What you’ll have learned by the end of the chapter: very basic knowledge of Github Actions,
but enough to run your RAP in the cloud.

## Introduction

We are almost at the end; actually, we could have stopped at the end of the previous chapter. We
have reached our goal; we are able to run pipeline in a 100% reproducible way. However, this
requires some manual steps. And maybe that's not a problem; if your image is done, and users only
need to pull it and run the container, that's not really a big problem. But you should keep in mind
that manual steps don't scale. Let's imagine another context; let's suppose that you are part of a
company and that you are part of a team that needs to quickly ship products to clients. Maybe
several people contribute to the product using an internal version control solution (like a Gitlab
instance that is deployed on the premises of your company). Maybe you even need to work on several
products in the same day; you (and your teammates) should only be focusing writing code (and
`Dockerfiles`)... your time and resources cannot get clogged by building images (which depending on
what you're working on, can take quite some time). So ideally, we would want to automate this step.
That is what we are going to learn in this chapter.

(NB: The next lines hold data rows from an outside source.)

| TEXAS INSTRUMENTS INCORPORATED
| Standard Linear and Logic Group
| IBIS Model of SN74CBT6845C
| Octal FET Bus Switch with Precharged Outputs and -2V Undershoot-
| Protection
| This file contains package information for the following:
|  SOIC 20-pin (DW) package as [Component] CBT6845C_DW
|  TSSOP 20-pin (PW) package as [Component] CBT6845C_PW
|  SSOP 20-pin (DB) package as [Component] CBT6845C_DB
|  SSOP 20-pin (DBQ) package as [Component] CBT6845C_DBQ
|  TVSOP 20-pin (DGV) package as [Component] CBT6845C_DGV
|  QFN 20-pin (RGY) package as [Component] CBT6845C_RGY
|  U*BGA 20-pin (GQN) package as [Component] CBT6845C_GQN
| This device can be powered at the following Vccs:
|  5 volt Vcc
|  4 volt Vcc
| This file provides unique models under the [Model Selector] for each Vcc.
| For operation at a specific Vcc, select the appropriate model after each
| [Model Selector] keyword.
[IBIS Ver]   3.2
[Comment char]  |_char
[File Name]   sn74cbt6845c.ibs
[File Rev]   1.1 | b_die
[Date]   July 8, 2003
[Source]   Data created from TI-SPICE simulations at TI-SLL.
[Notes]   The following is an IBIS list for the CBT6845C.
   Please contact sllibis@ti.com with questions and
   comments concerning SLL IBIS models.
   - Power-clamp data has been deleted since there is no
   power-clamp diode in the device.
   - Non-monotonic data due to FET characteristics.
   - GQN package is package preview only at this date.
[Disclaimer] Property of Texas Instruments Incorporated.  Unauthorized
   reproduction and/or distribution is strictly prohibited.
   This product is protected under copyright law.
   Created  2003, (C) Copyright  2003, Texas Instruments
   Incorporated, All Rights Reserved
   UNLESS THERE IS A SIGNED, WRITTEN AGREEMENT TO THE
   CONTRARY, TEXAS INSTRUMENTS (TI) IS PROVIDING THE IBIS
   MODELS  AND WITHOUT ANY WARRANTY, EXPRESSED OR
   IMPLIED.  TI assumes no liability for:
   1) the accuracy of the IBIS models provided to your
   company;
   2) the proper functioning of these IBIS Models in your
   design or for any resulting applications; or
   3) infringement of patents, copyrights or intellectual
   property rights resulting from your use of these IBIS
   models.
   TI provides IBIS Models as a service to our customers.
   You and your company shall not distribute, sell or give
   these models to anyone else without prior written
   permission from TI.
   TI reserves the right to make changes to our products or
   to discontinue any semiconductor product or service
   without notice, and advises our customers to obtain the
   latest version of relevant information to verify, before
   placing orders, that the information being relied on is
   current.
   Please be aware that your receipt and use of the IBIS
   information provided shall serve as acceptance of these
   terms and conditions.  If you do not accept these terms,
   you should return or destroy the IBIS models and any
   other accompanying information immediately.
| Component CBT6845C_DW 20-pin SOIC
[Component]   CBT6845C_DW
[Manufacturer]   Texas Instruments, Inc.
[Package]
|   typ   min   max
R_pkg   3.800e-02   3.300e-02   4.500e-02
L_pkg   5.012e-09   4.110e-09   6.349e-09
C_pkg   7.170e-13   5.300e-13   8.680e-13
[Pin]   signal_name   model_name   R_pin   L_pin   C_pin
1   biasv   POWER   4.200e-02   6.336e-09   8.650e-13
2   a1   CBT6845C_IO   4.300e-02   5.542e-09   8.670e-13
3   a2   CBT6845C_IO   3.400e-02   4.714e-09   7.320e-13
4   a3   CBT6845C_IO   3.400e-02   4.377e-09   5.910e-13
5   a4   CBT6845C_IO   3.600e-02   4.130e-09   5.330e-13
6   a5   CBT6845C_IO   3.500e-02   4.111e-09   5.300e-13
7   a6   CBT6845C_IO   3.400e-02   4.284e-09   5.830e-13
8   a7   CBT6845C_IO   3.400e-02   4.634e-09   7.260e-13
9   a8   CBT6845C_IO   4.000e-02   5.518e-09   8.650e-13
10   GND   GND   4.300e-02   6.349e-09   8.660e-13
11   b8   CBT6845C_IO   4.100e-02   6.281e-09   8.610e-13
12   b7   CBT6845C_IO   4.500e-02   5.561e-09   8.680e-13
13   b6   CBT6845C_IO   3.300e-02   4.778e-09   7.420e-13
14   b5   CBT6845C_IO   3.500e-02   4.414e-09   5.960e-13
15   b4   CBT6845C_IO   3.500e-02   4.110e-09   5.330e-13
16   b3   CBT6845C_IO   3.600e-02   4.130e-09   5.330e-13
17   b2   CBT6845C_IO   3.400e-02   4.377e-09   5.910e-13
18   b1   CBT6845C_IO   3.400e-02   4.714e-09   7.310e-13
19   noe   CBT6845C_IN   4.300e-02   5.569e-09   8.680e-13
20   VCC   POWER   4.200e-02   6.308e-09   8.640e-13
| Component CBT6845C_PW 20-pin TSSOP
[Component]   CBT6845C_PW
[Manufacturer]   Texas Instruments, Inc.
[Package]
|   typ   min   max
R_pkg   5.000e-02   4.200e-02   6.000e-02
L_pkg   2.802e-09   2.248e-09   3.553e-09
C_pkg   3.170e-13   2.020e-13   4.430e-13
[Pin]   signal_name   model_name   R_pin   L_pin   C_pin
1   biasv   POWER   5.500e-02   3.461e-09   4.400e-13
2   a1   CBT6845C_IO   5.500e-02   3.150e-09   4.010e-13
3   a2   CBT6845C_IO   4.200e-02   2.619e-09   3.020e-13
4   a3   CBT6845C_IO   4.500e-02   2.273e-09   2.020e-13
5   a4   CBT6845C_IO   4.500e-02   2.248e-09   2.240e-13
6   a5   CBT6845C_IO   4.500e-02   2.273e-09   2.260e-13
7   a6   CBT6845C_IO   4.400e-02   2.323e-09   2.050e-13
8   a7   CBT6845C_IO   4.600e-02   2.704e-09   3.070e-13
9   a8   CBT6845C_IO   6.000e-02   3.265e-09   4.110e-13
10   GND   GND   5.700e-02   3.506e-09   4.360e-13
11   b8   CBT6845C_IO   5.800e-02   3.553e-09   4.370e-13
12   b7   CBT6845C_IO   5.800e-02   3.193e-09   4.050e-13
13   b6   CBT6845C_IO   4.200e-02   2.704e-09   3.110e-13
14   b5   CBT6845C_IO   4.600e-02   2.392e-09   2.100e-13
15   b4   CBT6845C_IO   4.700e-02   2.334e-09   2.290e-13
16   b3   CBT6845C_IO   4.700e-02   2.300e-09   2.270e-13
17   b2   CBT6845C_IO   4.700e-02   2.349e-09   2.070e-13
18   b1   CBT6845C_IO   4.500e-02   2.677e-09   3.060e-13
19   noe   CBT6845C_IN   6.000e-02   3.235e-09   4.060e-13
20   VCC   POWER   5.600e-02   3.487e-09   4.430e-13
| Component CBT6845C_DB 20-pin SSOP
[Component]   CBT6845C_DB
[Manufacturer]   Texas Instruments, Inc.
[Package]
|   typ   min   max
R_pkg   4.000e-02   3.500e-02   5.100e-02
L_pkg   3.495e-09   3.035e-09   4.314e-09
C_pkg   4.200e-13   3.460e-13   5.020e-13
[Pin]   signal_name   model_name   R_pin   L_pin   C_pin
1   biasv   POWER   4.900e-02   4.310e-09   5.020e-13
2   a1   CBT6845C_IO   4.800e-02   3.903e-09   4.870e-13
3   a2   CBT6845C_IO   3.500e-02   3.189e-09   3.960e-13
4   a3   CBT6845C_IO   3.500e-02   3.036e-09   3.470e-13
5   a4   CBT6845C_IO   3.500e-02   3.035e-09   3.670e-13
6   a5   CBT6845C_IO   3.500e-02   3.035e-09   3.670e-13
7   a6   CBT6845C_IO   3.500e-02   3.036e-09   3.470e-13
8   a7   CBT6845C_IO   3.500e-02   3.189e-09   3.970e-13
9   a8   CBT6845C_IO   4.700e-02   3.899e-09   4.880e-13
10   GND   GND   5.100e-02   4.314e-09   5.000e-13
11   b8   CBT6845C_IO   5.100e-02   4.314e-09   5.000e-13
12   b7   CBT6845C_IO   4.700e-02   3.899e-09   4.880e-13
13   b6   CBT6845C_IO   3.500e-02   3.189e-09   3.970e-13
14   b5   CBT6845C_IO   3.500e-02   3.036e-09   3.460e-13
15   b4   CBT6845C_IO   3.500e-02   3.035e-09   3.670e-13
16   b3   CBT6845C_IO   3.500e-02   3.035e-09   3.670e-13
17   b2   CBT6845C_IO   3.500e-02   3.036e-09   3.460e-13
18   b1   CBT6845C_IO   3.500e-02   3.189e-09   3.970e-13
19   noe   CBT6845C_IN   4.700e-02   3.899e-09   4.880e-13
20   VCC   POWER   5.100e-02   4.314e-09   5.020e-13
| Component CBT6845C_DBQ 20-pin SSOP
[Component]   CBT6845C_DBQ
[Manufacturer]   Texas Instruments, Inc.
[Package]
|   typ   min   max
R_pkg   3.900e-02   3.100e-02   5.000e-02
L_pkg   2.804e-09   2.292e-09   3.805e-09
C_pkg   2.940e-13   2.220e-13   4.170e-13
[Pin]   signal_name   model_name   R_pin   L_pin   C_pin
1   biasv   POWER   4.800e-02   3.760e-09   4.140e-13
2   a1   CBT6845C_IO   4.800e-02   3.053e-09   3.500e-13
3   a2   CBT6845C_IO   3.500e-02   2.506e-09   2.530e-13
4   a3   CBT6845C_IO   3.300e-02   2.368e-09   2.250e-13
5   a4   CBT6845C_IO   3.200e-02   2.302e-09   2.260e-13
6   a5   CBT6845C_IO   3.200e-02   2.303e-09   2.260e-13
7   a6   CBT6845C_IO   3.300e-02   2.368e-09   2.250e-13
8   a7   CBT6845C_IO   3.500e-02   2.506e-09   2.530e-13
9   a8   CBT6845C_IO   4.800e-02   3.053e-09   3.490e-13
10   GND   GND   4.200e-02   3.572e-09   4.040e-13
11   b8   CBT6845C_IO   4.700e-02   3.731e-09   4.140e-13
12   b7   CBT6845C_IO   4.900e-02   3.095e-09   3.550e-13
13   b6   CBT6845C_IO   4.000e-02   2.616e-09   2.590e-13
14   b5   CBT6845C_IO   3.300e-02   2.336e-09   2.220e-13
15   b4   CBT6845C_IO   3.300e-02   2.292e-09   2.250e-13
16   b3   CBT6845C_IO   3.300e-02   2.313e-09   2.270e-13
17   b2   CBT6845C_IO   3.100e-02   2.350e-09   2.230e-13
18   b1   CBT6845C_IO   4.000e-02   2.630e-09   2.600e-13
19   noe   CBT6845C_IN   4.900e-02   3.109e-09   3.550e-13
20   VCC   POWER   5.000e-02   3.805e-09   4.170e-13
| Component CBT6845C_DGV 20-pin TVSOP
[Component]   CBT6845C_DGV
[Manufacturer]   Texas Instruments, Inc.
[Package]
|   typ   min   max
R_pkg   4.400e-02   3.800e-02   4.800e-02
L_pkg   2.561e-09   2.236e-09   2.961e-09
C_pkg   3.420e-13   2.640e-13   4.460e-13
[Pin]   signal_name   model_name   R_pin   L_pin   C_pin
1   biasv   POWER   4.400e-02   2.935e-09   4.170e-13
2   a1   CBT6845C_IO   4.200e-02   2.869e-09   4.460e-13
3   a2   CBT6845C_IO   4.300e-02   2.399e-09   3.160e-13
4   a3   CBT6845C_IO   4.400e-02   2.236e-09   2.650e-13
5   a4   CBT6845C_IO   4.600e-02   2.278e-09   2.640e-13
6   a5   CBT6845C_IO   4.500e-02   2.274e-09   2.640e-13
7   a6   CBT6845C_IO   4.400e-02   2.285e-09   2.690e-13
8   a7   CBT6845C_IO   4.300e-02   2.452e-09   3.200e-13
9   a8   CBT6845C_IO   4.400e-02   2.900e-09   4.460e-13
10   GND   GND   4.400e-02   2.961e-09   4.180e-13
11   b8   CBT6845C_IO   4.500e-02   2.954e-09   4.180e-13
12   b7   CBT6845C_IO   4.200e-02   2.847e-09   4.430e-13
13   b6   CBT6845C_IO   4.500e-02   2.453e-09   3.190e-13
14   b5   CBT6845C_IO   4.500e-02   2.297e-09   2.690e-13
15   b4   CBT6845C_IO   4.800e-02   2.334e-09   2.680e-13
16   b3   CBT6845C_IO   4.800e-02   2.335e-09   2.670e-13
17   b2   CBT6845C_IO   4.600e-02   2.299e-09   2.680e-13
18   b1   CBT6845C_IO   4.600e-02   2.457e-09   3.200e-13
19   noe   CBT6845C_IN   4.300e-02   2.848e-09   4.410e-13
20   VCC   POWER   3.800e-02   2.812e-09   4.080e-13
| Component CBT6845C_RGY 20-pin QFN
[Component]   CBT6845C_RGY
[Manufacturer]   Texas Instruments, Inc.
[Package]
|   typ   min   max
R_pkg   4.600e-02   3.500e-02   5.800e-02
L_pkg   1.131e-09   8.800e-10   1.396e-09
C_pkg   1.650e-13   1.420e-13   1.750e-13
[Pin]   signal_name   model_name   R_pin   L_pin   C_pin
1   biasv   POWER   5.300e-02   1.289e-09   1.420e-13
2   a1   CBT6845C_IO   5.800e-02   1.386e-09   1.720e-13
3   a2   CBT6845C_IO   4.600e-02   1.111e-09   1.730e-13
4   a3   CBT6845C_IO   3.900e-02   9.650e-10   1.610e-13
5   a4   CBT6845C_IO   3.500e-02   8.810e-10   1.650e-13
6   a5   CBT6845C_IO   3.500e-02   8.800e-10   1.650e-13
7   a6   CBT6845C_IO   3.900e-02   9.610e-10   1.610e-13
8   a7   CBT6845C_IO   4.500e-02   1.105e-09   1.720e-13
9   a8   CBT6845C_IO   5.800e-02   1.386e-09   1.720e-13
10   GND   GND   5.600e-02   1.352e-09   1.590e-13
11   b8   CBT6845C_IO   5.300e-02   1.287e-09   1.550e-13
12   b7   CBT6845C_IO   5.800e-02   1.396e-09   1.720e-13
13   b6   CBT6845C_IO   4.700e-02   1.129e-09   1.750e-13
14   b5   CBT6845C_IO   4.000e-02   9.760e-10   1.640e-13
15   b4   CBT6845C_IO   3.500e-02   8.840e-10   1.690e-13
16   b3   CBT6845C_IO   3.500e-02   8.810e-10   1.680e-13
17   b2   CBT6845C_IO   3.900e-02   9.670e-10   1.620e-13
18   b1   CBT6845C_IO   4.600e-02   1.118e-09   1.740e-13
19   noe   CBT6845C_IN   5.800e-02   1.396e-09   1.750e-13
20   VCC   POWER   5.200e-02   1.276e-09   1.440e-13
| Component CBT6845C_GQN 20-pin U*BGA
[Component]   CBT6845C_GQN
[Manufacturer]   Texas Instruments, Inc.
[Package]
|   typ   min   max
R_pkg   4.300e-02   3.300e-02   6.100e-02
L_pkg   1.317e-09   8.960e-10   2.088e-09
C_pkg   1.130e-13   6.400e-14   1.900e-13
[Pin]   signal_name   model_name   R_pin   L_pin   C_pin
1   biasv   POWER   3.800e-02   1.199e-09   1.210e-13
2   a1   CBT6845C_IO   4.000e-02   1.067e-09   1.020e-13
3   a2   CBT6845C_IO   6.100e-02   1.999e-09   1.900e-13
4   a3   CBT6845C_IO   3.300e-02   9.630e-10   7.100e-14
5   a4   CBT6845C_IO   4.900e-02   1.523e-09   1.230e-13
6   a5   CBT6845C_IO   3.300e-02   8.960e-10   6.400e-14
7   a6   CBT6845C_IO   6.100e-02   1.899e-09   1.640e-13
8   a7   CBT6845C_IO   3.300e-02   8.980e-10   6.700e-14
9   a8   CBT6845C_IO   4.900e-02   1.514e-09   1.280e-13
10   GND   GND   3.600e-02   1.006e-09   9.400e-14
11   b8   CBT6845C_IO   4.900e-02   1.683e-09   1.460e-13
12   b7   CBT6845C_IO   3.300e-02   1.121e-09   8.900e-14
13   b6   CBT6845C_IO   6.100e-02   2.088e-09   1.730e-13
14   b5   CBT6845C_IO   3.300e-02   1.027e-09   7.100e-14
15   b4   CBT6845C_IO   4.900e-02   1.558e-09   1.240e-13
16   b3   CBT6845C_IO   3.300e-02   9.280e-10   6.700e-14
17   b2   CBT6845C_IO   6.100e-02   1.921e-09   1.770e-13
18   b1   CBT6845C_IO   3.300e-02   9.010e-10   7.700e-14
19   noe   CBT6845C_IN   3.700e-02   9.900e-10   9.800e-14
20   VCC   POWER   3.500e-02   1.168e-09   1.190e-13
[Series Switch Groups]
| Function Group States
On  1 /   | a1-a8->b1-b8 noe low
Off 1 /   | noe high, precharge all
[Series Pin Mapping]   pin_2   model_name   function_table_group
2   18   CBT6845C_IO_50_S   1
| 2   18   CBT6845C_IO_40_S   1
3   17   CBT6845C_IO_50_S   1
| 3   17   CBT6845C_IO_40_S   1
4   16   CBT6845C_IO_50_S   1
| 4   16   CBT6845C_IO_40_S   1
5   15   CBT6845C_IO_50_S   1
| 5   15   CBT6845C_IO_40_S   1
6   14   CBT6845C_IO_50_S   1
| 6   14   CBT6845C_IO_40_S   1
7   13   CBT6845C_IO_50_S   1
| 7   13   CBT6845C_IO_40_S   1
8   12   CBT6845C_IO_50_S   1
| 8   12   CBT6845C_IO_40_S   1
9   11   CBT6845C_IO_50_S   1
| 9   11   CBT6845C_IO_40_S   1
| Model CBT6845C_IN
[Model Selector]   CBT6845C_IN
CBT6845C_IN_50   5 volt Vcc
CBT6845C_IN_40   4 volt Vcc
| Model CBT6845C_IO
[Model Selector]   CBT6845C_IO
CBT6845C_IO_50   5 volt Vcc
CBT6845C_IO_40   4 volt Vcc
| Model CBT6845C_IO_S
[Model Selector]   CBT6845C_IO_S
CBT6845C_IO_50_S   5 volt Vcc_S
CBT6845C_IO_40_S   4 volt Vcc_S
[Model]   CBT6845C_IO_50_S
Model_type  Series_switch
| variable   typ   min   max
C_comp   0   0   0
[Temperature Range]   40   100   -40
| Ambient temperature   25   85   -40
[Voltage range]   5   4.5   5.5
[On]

This chapter will introduce you to the basic ideas of CI/CD (Continuous Integration and Continuous
Deployment/Delivery) and DevOps with Github Actions. Because we’re using Git to trigger all the events
and automate the whole pipeline, this can also be referred to as GitOps.
What's Dev(Git)Ops? I think that the [Atlassian](https://www.atlassian.com/devops) page on DevOps makes
a good job of explaining it. The bottom line is that DevOps makes it easy for developers to focus on
coding, and makes it easy for them to ship data products. The core IT team provides the required
infrastructure and tools to make this possible. GitOps is a variant of DevOps where the definition 
of the infrastructure is versioned, and can be changed by editing simple text files. Through events,
such as pushing to the repository, new images can be built, or containers executed. Data products
can then also be redeployed automatically. All the steps we've been doing manually, with one simple push!
It's also possible, in the context of package development, to execute unit tests when code gets pushed
to repo, or get documentation and vignettes compiled. This also means that you could be developing
on a very thin client with only a text editor and git installed. Pushing to Github would then 
execute everything needed to have a package ready for sharing.

So our goal here is, in short, to do exactly the same as what we have been doing on our computer
(so build an image, run a container, and get back 3 plots), but on Github. 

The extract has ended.